Un stress test climatique du système financier

La transition énergétique pourrait changer en profondeur la structure de production et la valeur de nombreux actifs financiers. Première évaluation du risque climatique pour le système financier. Par Antoine Mandel, Paris School of Economics – École d'économie de Paris

Du point de vue des sciences physiques, il est évident que le maintien du réchauffement climatique en dessous de 2 °C implique qu'une large part des réserves avérées de combustibles fossiles sont « imbrûlables ». La mise en œuvre d'une politique climatique ambitieuse devrait donc conduire à des dépréciations d'actifs importantes dans le secteur de l'énergie.

Plus généralement, la transition énergétique pourrait induire des changements majeurs dans la structure productive et, corrélativement, dans la valeur d'une large gamme d'actifs financiers. L'incertitude sur l'étendue possible de ces impacts est un sujet de préoccupation pour les autorités de régulation financière, que la crise financière liée aux subprimes a rendu particulièrement attentives aux risques de propagation des chocs.

Évaluer le risque climatique pour les institutions financières européennes

Dans un article récemment paru dans la revue Nature Climate Change nous proposons, avec Stefano Battiston, Irene Monasterolo, Franziska Schütze et Gabriele Visentin, la première évaluation du risque climatique pour le système financier via un « stress-test climatique » réalisé sur les principales institutions financières européennes.

Pour ce faire, nous avons, dans un premier temps, utilisé la base de données Orbis du Bureau van Dijk. Celle-ci décrit le réseau actionnarial global permettant de quantifier l'exposition des institutions financières européennes, via les marchés d'actions, à cinq secteurs potentiellement sensibles à la politique climatique : celui des combustibles fossiles, celui de l'électricité, celui des industries à haute intensité énergétique, celui de l'immobilier et celui du transport.

Une exposition en deux temps, une propagation « maîtrisable »

Un premier constat est que l'exposition du système financier aux seul secteurs des combustibles fossiles est faible, mais que si l'ensemble des secteurs liés est pris en considération l'exposition devient importante (environ 40 % des fonds propres).

Dans un second temps, nous analysons la propagation via les réseaux financiers d'un scénario de dévalorisation massive des actifs dans les secteurs des combustibles fossiles et de l'électricité. Les mécanismes de propagation considérés prennent en compte la dégradation du bilan des institutions financières et celle des actifs financiers qu'elles émettent pour se refinancer suite aux pertes sur les marchés d'action.

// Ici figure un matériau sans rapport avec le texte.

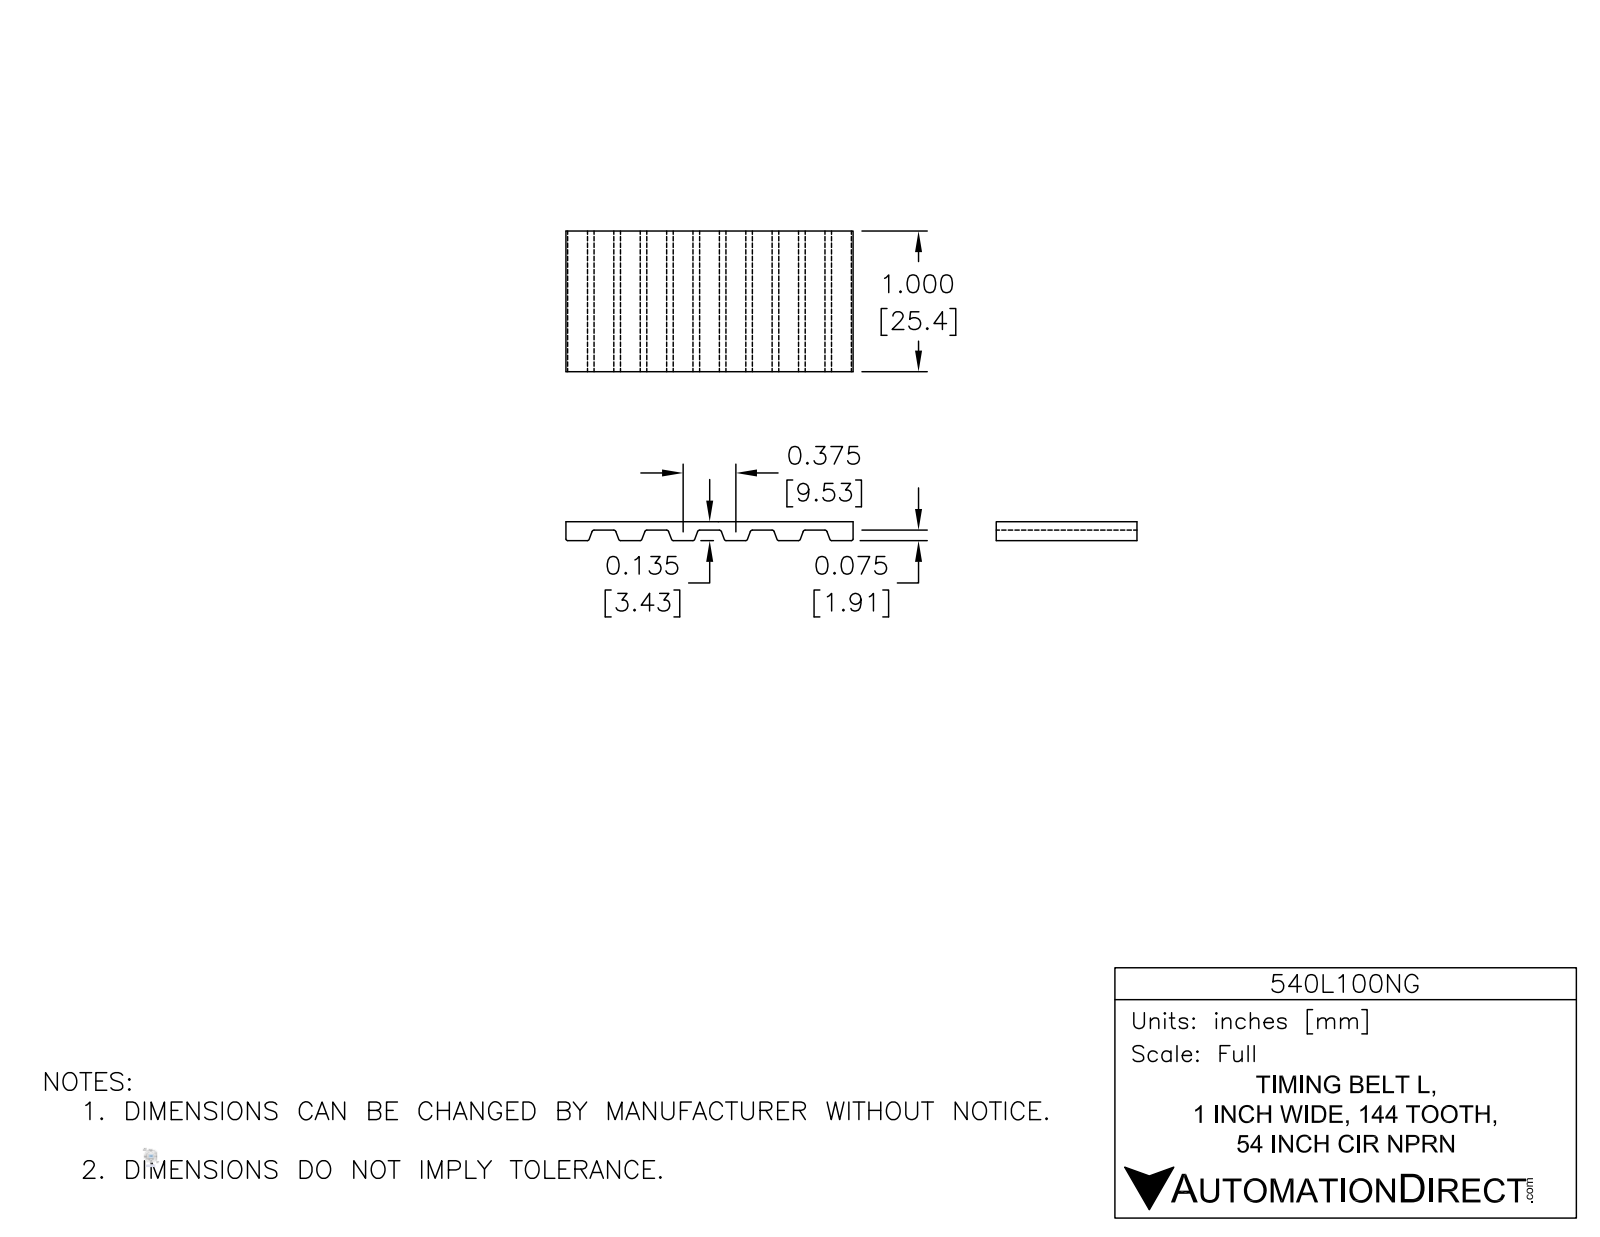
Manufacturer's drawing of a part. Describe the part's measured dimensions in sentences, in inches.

Ces processus pourraient amplifier par un facteur 2 les pertes initiales liées à un choc de politique climatique. Cependant, l'effet global serait limité si le choc initial restait cantonné aux secteurs clés dans l'émission de gaz à effet de serre. Une politique climatique forte ne conduirait donc pas à la matérialisation d'un risque financier systémique si elle parvenait à limiter la propagation des risques dans la sphère réelle de l'économie.

Dans cette perspective, il est important de clarifier l'horizon socio-économique de déploiement de la politique climatique afin de réduire les incertitudes auxquels les investisseurs sont confrontés, et leur permettre de discriminer finement entre les secteurs potentiellement exposés à la politique climatique et ceux pour qui elle représenterait une opportunité de croissance.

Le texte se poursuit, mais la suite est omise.